Allstate’s in-house counsel Judith Gaston recommended terminating Appellants for altering company documents, in violation of the Allstate Code of Ethics, the P-CCSO Code of Ethics, and the Allstate Human Resources Policy Guide. These manuals forbid employees from altering company documents, including electronic documents, and threaten immediate termination of employees found to have falsified company documents. Allstate terminated Appellants on June 13 and 14, 2002. Those employees who were at work met individually with a local human resources representative at a hotel conference room, outside of which an armed security guard was present. Each Appellant was informed that they were being terminated for a violation of company policies, and each was not permitted to return to the office to collect their personal belongings at that time.

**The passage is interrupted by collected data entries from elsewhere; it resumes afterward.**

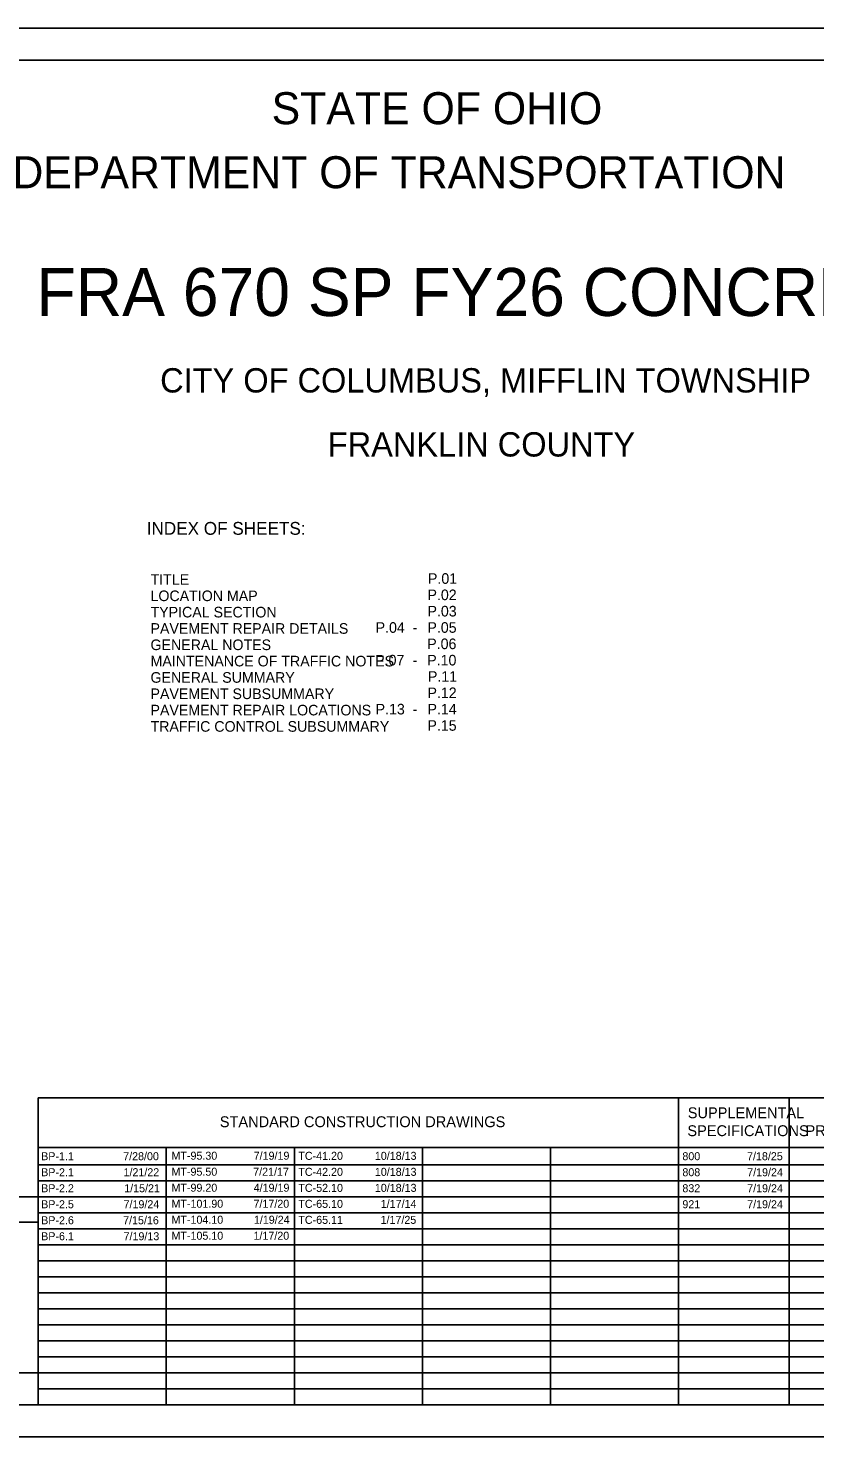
# Model space of a CAD drawing. Extents: x 0 to 34, y 0 to 22.
# Drawn here: x 9.99 to 22.28, y 0 to 22 of the extents above; entities that cross this region are included whole.
import ezdxf

# ---------------------------------------------------------------- set-up
doc = ezdxf.new("R2010")
doc.units = 0
for name, color, linetype in [('Default', 7, 'Continuous'), ('SH_Border', 7, 'Continuous'), ('SH_Cut_Line', 7, 'Continuous'), ('SH_Data', 7, 'Continuous'), ('SH_Text', 7, 'Continuous')]:
    doc.layers.add(name, color=color, linetype=linetype)

msp = doc.modelspace()

# ---------------------------------------------------------------- linework, layer by layer
at = {"layer": 'SH_Border'}
msp.add_lwpolyline([(1.5, 21.5), (33.5, 21.5), (33.5, 0.5), (1.5, 0.5)], close=True, dxfattribs=at)
at = {"layer": 'SH_Cut_Line'}
msp.add_lwpolyline([(0, 0), (34, 0), (34, 22), (0, 22)], close=True, dxfattribs=at)
at = {"layer": 'SH_Data'}
for p, q in [((10.15, 5.292), (23.6, 5.292)), ((10.15, 0.5), (10.15, 5.292)), ((20.15, 0.5), (20.15, 5.292)), ((21.875, 0.5), (21.875, 5.292)), ((10.15, 4.521), (23.6, 4.521)), ((12.15, 0.5), (12.15, 4.521)), ((14.15, 0.5), (14.15, 4.521)), ((16.15, 0.5), (16.15, 4.521)), ((18.15, 0.5), (18.15, 4.521)), ((10.15, 4.25), (23.6, 4.25)), ((10.15, 4), (23.6, 4)), ((10.15, 3.75), (7.35, 3.75)), ((10.15, 3.75), (23.6, 3.75)), ((10.15, 0.5), (10.15, 3.75)), ((10.15, 3.35), (7.35, 3.35)), ((10.15, 3.5), (23.6, 3.5)), ((10.15, 3.25), (23.6, 3.25)), ((10.15, 3), (23.6, 3)), ((10.15, 2.75), (23.6, 2.75)), ((10.15, 2.5), (23.6, 2.5)), ((10.15, 2.25), (23.6, 2.25)), ((10.15, 2), (23.6, 2)), ((10.15, 1.75), (23.6, 1.75)), ((10.15, 1.5), (23.6, 1.5)), ((10.15, 1.25), (23.6, 1.25)), ((10.15, 1), (23.6, 1)), ((10.15, 0.75), (23.6, 0.75)), ((10.15, 0.5), (7.35, 0.5))]:
    msp.add_line(p, q, dxfattribs=at)
msp.add_lwpolyline([(10.15, 0.5), (10.15, 1), (7.35, 1), (7.35, 0.5)], close=True, dxfattribs=at)

# ---------------------------------------------------------------- texts
at = {"layer": 'Default'}
for s, height, p in [('TITLE', 0.1656, (11.904, 13.307)), ('P.01', 0.1656, (16.236, 13.322)), ('LOCATION MAP', 0.1656, (11.904, 13.052)), ('P.02', 0.1656, (16.229, 13.067)), ('P.03', 0.1656, (16.229, 12.812)), ('TYPICAL SECTION', 0.1656, (11.904, 12.797)), ('PAVEMENT REPAIR DETAILS', 0.1656, (11.904, 12.542)), ('P.04', 0.1656, (15.419, 12.557)), ('-', 0.166, (15.997, 12.557)), ('P.05', 0.1656, (16.228, 12.557)), ('GENERAL NOTES', 0.1656, (11.904, 12.287)), ('P.06', 0.1656, (16.225, 12.302)), ('MAINTENANCE OF TRAFFIC NOTES', 0.1656, (11.904, 12.032)), ('P.07', 0.1656, (15.412, 12.047)), ('-', 0.166, (15.997, 12.047)), ('P.10', 0.1656, (16.225, 12.047)), ('GENERAL SUMMARY', 0.1656, (11.904, 11.777)), ('P.11', 0.1656, (16.236, 11.792)), ('PAVEMENT SUBSUMMARY', 0.1656, (11.904, 11.522)), ('P.12', 0.1656, (16.229, 11.537)), ('P.13', 0.1656, (15.419, 11.282)), ('P.14', 0.1656, (16.229, 11.282)), ('PAVEMENT REPAIR LOCATIONS', 0.1656, (11.904, 11.267)), ('-', 0.166, (15.997, 11.282)), ('TRAFFIC CONTROL SUBSUMMARY', 0.1656, (11.904, 11.012)), ('P.15', 0.1656, (16.228, 11.027)), ('BP-1.1', 0.125, (10.196, 4.32)), ('7/28/00', 0.125, (11.477, 4.32)), ('MT-95.30', 0.125, (12.231, 4.328)), ('7/19/19', 0.125, (13.515, 4.328)), ('TC-41.20', 0.125, (14.212, 4.326)), ('10/18/13', 0.125, (15.407, 4.326)), ('800', 0.125, (20.209, 4.32)), ('7/18/25', 0.125, (21.219, 4.32)), ('BP-2.1', 0.125, (10.196, 4.07)), ('1/21/22', 0.125, (11.482, 4.07)), ('MT-95.50', 0.125, (12.231, 4.078)), ('7/21/17', 0.125, (13.507, 4.078)), ('TC-42.20', 0.125, (14.212, 4.076)), ('10/18/13', 0.125, (15.407, 4.076)), ('808', 0.125, (20.209, 4.07)), ('7/19/24', 0.125, (21.221, 4.07)), ('BP-2.2', 0.125, (10.196, 3.82)), ('1/15/21', 0.125, (11.493, 3.82)), ('MT-99.20', 0.125, (12.231, 3.828)), ('4/19/19', 0.125, (13.515, 3.828)), ('TC-52.10', 0.125, (14.212, 3.826)), ('10/18/13', 0.125, (15.407, 3.826)), ('832', 0.125, (20.209, 3.82)), ('7/19/24', 0.125, (21.221, 3.82)), ('BP-2.5', 0.125, (10.196, 3.57)), ('7/19/24', 0.125, (11.483, 3.57)), ('MT-101.90', 0.125, (12.231, 3.578)), ('7/17/20', 0.125, (13.512, 3.578)), ('TC-65.10', 0.125, (14.212, 3.576)), ('1/17/14', 0.125, (15.499, 3.576)), ('921', 0.125, (20.209, 3.57)), ('7/19/24', 0.125, (21.221, 3.57)), ('BP-2.6', 0.125, (10.196, 3.32)), ('7/15/16', 0.125, (11.476, 3.32)), ('MT-104.10', 0.125, (12.231, 3.328)), ('1/19/24', 0.125, (13.518, 3.328)), ('TC-65.11', 0.125, (14.212, 3.326)), ('1/17/25', 0.125, (15.496, 3.326)), ('BP-6.1', 0.125, (10.196, 3.07)), ('7/19/13', 0.125, (11.483, 3.07)), ('MT-105.10', 0.125, (12.231, 3.078)), ('1/17/20', 0.125, (13.512, 3.078))]:
    msp.add_text(s, height=height, dxfattribs=at).set_placement(p)
at = {"layer": 'SH_Text'}
for s, height, p in [('STATE OF OHIO', 0.5, (13.795, 20.5)), ('DEPARTMENT OF TRANSPORTATION', 0.5, (9.747, 19.5)), ('FRA 670 SP FY26 CONCRETE', 0.75, (10.124, 17.505)), ('CITY OF COLUMBUS, MIFFLIN TOWNSHIP', 0.38, (12.054, 16.31)), ('FRANKLIN COUNTY', 0.38, (14.672, 15.31)), ('INDEX OF SHEETS:', 0.2, (11.844, 14.088)), ('SUPPLEMENTAL', 0.17, (20.293, 4.976)), ('STANDARD CONSTRUCTION DRAWINGS', 0.17, (12.986, 4.836)), ('SPECIFICATIONS', 0.17, (20.287, 4.696)), ('PROVISIONS', 0.17, (22.132, 4.696))]:
    msp.add_text(s, height=height, dxfattribs=at).set_placement(p)

doc.saveas('drawing.dxf')

*582 Appellants each filed charges of employment discrimination with the Equal Employment Opportunity Commission (“EEOC”), pursuant to 29 U.S.C. § 626(d). Appealing from the district court’s grant of summary judgment to Allstate, Appellants claim that (1) Allstate wrongfully terminated them based on their age, (2) they are entitled to overtime compensation benefits and damages due to Allstate’s failure to pay those benefits, and (3) they are entitled to damages for intentional infliction of emotional distress (“IIED”) as a result of the manner in which Allstate terminated them.

II. Discussion

We review the grant of a summary judgment motion de novo, and apply the same standard as the district court. Duffy v. Leading Edge Prods. Inc., 44 F.3d 308, 312 (5th Cir.1995); FED. R. CIV. P. 56. We resolve any factual inferences in favor of Appellants, the nonmovants, and ask whether Allstate, the movant, is entitled to judgment as a matter of law. See Degan v. Ford Motor Co., 869 F.2d 889, 892 (5th Cir.1989). We consider each claim in turn.

A. Age Discrimination in Employment Act

Appellants challenge Allstate’s reason for terminating them as pretext, and alternatively argue that age was a motivating factor behind their terminations. The burden shifting standard for claims of ADEA violations in the Fifth Circuit is well-settled. See, e.g., Meinecke v. H&R Block of Houston, 66 F.3d 77, 83 (5th Cir.1995). First, Appellants must state a prima facie case of age discrimination. Id. If they succeed, the burden shifts to Allstate to provide a legitimate, nondiscriminatory reason for terminating Appellants. Id.